### TASK GOAL
Leaving out all pictures, give again each line exactly, from the start of the listing through the line that contains "#2164=DIRECTION('ref_axis',(1.,0.,0.));".

::::::::

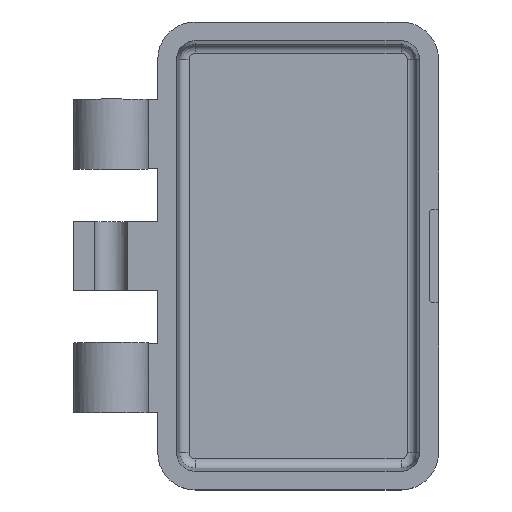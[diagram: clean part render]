
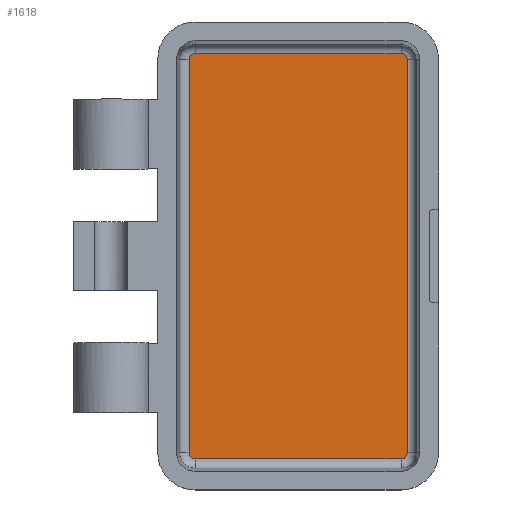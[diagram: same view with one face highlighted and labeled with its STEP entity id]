
A CAD part, top view. The second image highlights one B-rep face of the part: STEP entity #1618.
In plain terms, the highlighted planar face has unit normal (0, 0, 1).
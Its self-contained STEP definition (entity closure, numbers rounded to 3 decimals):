
#132=FACE_OUTER_BOUND('',#230,.T.);
#230=EDGE_LOOP('',(#1242,#1243,#1244,#1245,#1246,#1247,#1248,#1249));
#324=CIRCLE('',#1782,0.649);
#325=CIRCLE('',#1783,0.649);
#326=CIRCLE('',#1784,0.649);
#327=CIRCLE('',#1785,0.649);
#464=LINE('',#2686,#604);
#465=LINE('',#2690,#605);
#466=LINE('',#2694,#606);
#467=LINE('',#2698,#607);
#604=VECTOR('',#2159,1.);
#605=VECTOR('',#2162,1.);
#606=VECTOR('',#2165,1.);
#607=VECTOR('',#2168,1.);
#740=VERTEX_POINT('',#2684);
#741=VERTEX_POINT('',#2685);
#742=VERTEX_POINT('',#2687);
#743=VERTEX_POINT('',#2689);
#744=VERTEX_POINT('',#2691);
#745=VERTEX_POINT('',#2693);
#746=VERTEX_POINT('',#2695);
#747=VERTEX_POINT('',#2697);
#928=EDGE_CURVE('',#740,#741,#464,.T.);
#929=EDGE_CURVE('',#741,#742,#324,.T.);
#930=EDGE_CURVE('',#742,#743,#465,.T.);
#931=EDGE_CURVE('',#743,#744,#325,.T.);
#932=EDGE_CURVE('',#744,#745,#466,.T.);
#933=EDGE_CURVE('',#745,#746,#326,.T.);
#934=EDGE_CURVE('',#746,#747,#467,.T.);
#935=EDGE_CURVE('',#747,#740,#327,.T.);
#1242=ORIENTED_EDGE('',*,*,#928,.T.);
#1243=ORIENTED_EDGE('',*,*,#929,.T.);
#1244=ORIENTED_EDGE('',*,*,#930,.T.);
#1245=ORIENTED_EDGE('',*,*,#931,.T.);
#1246=ORIENTED_EDGE('',*,*,#932,.T.);
#1247=ORIENTED_EDGE('',*,*,#933,.T.);
#1248=ORIENTED_EDGE('',*,*,#934,.T.);
#1249=ORIENTED_EDGE('',*,*,#935,.T.);
#1453=PLANE('',#1781);
#1618=ADVANCED_FACE('',(#132),#1453,.T.);
#1781=AXIS2_PLACEMENT_3D('',#2683,#2157,#2158);
#1782=AXIS2_PLACEMENT_3D('',#2688,#2160,#2161);
#1783=AXIS2_PLACEMENT_3D('',#2692,#2163,#2164);
#1784=AXIS2_PLACEMENT_3D('',#2696,#2166,#2167);
#1785=AXIS2_PLACEMENT_3D('',#2699,#2169,#2170);
#2157=DIRECTION('center_axis',(0.,0.,1.));
#2158=DIRECTION('ref_axis',(1.,0.,0.));
#2159=DIRECTION('',(-1.,0.,0.));
#2160=DIRECTION('center_axis',(0.,0.,
1.));
#2161=DIRECTION('ref_axis',(1.,0.,0.));
#2162=DIRECTION('',(0.,-1.,0.));
#2163=DIRECTION('center_axis',(0.,0.,
1.));
#2164=DIRECTION('ref_axis',(1.,0.,0.));
#2165=DIRECTION('',(1.,0.,0.));
#2166=DIRECTION('center_axis',(0.,0.,
1.));
#2167=DIRECTION('ref_axis',(1.,0.,0.));
#2168=DIRECTION('',(0.,1.,0.));
#2169=DIRECTION('center_axis',(0.,0.,
1.));
#2170=DIRECTION('ref_axis',(1.,0.,0.));
#2683=CARTESIAN_POINT('Origin',(-83.875,-51.875,-13.));
#2684=CARTESIAN_POINT('',(11.,21.649,-13.));
#2685=CARTESIAN_POINT('',(-11.,21.649,-13.));
#2686=CARTESIAN_POINT('',(0.,21.649,-13.));
#2687=CARTESIAN_POINT('',(-11.649,21.,-13.));
#2688=CARTESIAN_POINT('Origin',(-11.,21.,-13.));
#2689=CARTESIAN_POINT('',(-11.649,-21.,-13.));
#2690=CARTESIAN_POINT('',(-11.649,0.,-13.));
#2691=CARTESIAN_POINT('',(-11.,-21.649,-13.));
#2692=CARTESIAN_POINT('Origin',(-11.,-21.,-13.));
#2693=CARTESIAN_POINT('',(11.,-21.649,-13.));
#2694=CARTESIAN_POINT('',(0.,-21.649,-13.));
#2695=CARTESIAN_POINT('',(11.649,-21.,-13.));
#2696=CARTESIAN_POINT('Origin',(11.,-21.,-13.));
#2697=CARTESIAN_POINT('',(11.649,21.,-13.));
#2698=CARTESIAN_POINT('',(11.649,0.,-13.));
#2699=CARTESIAN_POINT('Origin',(11.,21.,-13.));
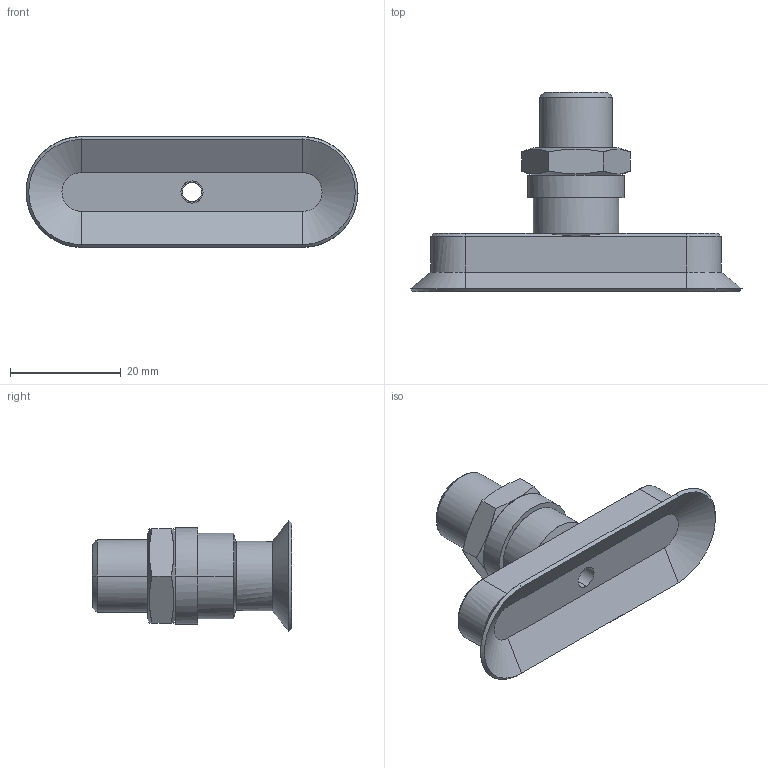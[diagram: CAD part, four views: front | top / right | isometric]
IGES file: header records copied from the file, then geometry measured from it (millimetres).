
Start section: --------------------------------------------------- ROBERT BOSCH GmbH, D-70442 Stuttgart Model-Name:      1820415126 Drawing-Name:    &dwg_name Format:          DIN &format Alle Rechte bei ROBERT BOSCH GmbH, auch fuer den Fall von Schutzrechtsanmeldungen. Jede Verfuegungs- befugnis, wie Kopier- und Weitergabe, bei uns. THIS DRAWING IS THE EXCLUSIVE PROPERTY OF ROBERT BOSCH GMBH. WITHOUT THEIR CONS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
Global section: file name: 1820415126.igs; native system: Pro/ENGINEER by Parametric Technology Corporation; preprocessor: 2011490; author: pma1hc; organization: Unknown; date: 20150505.141751; units: millimetre
Bounding box: 59.99 x 36 x 20 mm (x, y, z)
Surface area: 5108.9 mm2 (no closed solid volume)
Topology: 0 solids, 0 shells, 52 faces, 232 edges, 232 vertices
Faces by surface type: revolution 28, bspline 24
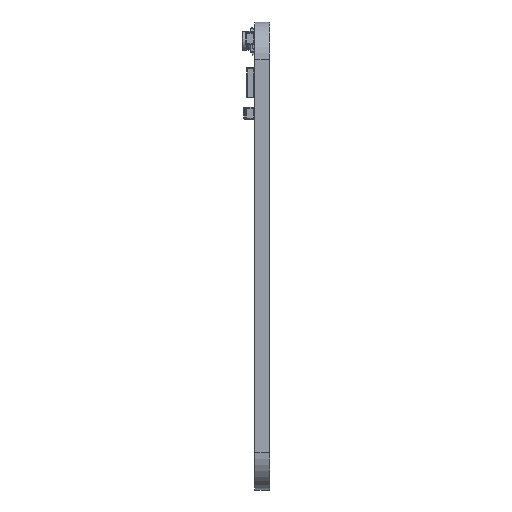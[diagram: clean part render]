
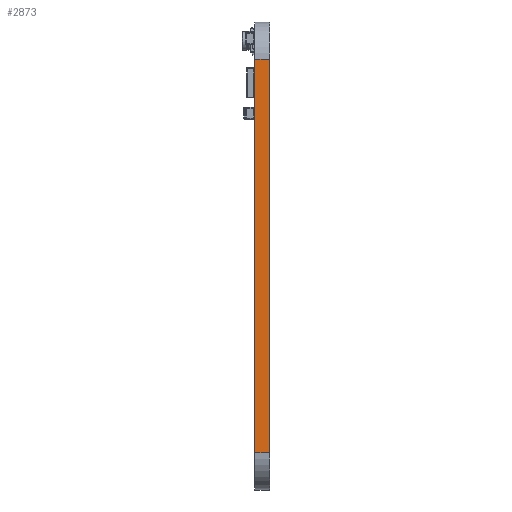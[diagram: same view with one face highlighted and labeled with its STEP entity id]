
A CAD part, left-side view. The second image highlights one B-rep face of the part: STEP entity #2873.
In plain terms, the highlighted planar face has unit normal (-1, 0, 0).
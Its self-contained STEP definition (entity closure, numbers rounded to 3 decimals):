
#671 = EDGE_LOOP ( 'NONE', ( #20225, #20179, #20194, #20187 ) ) ;
#2321 = CARTESIAN_POINT ( 'NONE',  ( 100., 0., -146. ) ) ;
#2325 = DIRECTION ( 'NONE',  ( 0., 0., 1. ) ) ;
#2538 = CARTESIAN_POINT ( 'NONE',  ( 100., -1.6, -146. ) ) ;
#2556 = DIRECTION ( 'NONE',  ( 0., 0., 1. ) ) ;
#2734 = DIRECTION ( 'NONE',  ( 0., 1., 0. ) ) ;
#2750 = CARTESIAN_POINT ( 'NONE',  ( 100., -1.6, -146. ) ) ;
#2873 = ADVANCED_FACE ( 'NONE', ( #6732 ), #8358, .T. ) ;
#6732 = FACE_OUTER_BOUND ( 'NONE', #671, .T. ) ;
#8337 = DIRECTION ( 'NONE',  ( -1., 0., 0. ) ) ;
#8358 = PLANE ( 'NONE',  #13912 ) ;
#8368 = CARTESIAN_POINT ( 'NONE',  ( 100., -1.6, -146. ) ) ;
#8369 = DIRECTION ( 'NONE',  ( 0., 0., 1. ) ) ;
#11652 = VERTEX_POINT ( 'NONE', #21336 ) ;
#11676 = VERTEX_POINT ( 'NONE', #21324 ) ;
#11829 = VERTEX_POINT ( 'NONE', #21475 ) ;
#11864 = VERTEX_POINT ( 'NONE', #21483 ) ;
#13348 = EDGE_CURVE ( 'NONE', #11652, #11676, #23637, .T. ) ;
#13451 = EDGE_CURVE ( 'NONE', #11829, #11864, #23793, .T. ) ;
#13517 = EDGE_CURVE ( 'NONE', #11829, #11652, #23865, .T. ) ;
#13552 = EDGE_CURVE ( 'NONE', #11864, #11676, #23924, .T. ) ;
#13912 = AXIS2_PLACEMENT_3D ( 'NONE', #8368, #8337, #8369 ) ;
#17906 = CARTESIAN_POINT ( 'NONE',  ( 100., -1.6, -104. ) ) ;
#17908 = DIRECTION ( 'NONE',  ( 0., 1., 0. ) ) ;
#20179 = ORIENTED_EDGE ( 'NONE', *, *, #13517, .F. ) ;
#20187 = ORIENTED_EDGE ( 'NONE', *, *, #13552, .T. ) ;
#20194 = ORIENTED_EDGE ( 'NONE', *, *, #13451, .T. ) ;
#20225 = ORIENTED_EDGE ( 'NONE', *, *, #13348, .F. ) ;
#21324 = CARTESIAN_POINT ( 'NONE',  ( 100., 0., -104. ) ) ;
#21336 = CARTESIAN_POINT ( 'NONE',  ( 100., 0., -146. ) ) ;
#21475 = CARTESIAN_POINT ( 'NONE',  ( 100., -1.6, -146. ) ) ;
#21483 = CARTESIAN_POINT ( 'NONE',  ( 100., -1.6, -104. ) ) ;
#23634 = VECTOR ( 'NONE', #2325, 1000. ) ;
#23637 = LINE ( 'NONE', #2321, #23634 ) ;
#23783 = VECTOR ( 'NONE', #2556, 1000. ) ;
#23793 = LINE ( 'NONE', #2538, #23783 ) ;
#23865 = LINE ( 'NONE', #2750, #23871 ) ;
#23871 = VECTOR ( 'NONE', #2734, 1000. ) ;
#23915 = VECTOR ( 'NONE', #17908, 1000. ) ;
#23924 = LINE ( 'NONE', #17906, #23915 ) ;

::::::::

### EXERCISE OUTPUT
[diagram: clean part render]
[diagram: same view with one face highlighted and labeled with its STEP entity id]
A CAD part, top view. The second image highlights one B-rep face of the part: STEP entity #1618.
In plain terms, the highlighted planar face has unit normal (0, 0, 1).
Its self-contained STEP definition (entity closure, numbers rounded to 3 decimals):
#132=FACE_OUTER_BOUND('',#230,.T.);
#230=EDGE_LOOP('',(#1242,#1243,#1244,#1245,#1246,#1247,#1248,#1249));
#324=CIRCLE('',#1782,0.649);
#325=CIRCLE('',#1783,0.649);
#326=CIRCLE('',#1784,0.649);
#327=CIRCLE('',#1785,0.649);
#464=LINE('',#2686,#604);
#465=LINE('',#2690,#605);
#466=LINE('',#2694,#606);
#467=LINE('',#2698,#607);
#604=VECTOR('',#2159,1.);
#605=VECTOR('',#2162,1.);
#606=VECTOR('',#2165,1.);
#607=VECTOR('',#2168,1.);
#740=VERTEX_POINT('',#2684);
#741=VERTEX_POINT('',#2685);
#742=VERTEX_POINT('',#2687);
#743=VERTEX_POINT('',#2689);
#744=VERTEX_POINT('',#2691);
#745=VERTEX_POINT('',#2693);
#746=VERTEX_POINT('',#2695);
#747=VERTEX_POINT('',#2697);
#928=EDGE_CURVE('',#740,#741,#464,.T.);
#929=EDGE_CURVE('',#741,#742,#324,.T.);
#930=EDGE_CURVE('',#742,#743,#465,.T.);
#931=EDGE_CURVE('',#743,#744,#325,.T.);
#932=EDGE_CURVE('',#744,#745,#466,.T.);
#933=EDGE_CURVE('',#745,#746,#326,.T.);
#934=EDGE_CURVE('',#746,#747,#467,.T.);
#935=EDGE_CURVE('',#747,#740,#327,.T.);
#1242=ORIENTED_EDGE('',*,*,#928,.T.);
#1243=ORIENTED_EDGE('',*,*,#929,.T.);
#1244=ORIENTED_EDGE('',*,*,#930,.T.);
#1245=ORIENTED_EDGE('',*,*,#931,.T.);
#1246=ORIENTED_EDGE('',*,*,#932,.T.);
#1247=ORIENTED_EDGE('',*,*,#933,.T.);
#1248=ORIENTED_EDGE('',*,*,#934,.T.);
#1249=ORIENTED_EDGE('',*,*,#935,.T.);
#1453=PLANE('',#1781);
#1618=ADVANCED_FACE('',(#132),#1453,.T.);
#1781=AXIS2_PLACEMENT_3D('',#2683,#2157,#2158);
#1782=AXIS2_PLACEMENT_3D('',#2688,#2160,#2161);
#1783=AXIS2_PLACEMENT_3D('',#2692,#2163,#2164);
#1784=AXIS2_PLACEMENT_3D('',#2696,#2166,#2167);
#1785=AXIS2_PLACEMENT_3D('',#2699,#2169,#2170);
#2157=DIRECTION('center_axis',(0.,0.,1.));
#2158=DIRECTION('ref_axis',(1.,0.,0.));
#2159=DIRECTION('',(-1.,0.,0.));
#2160=DIRECTION('center_axis',(0.,0.,
1.));
#2161=DIRECTION('ref_axis',(1.,0.,0.));
#2162=DIRECTION('',(0.,-1.,0.));
#2163=DIRECTION('center_axis',(0.,0.,
1.));
#2164=DIRECTION('ref_axis',(1.,0.,0.));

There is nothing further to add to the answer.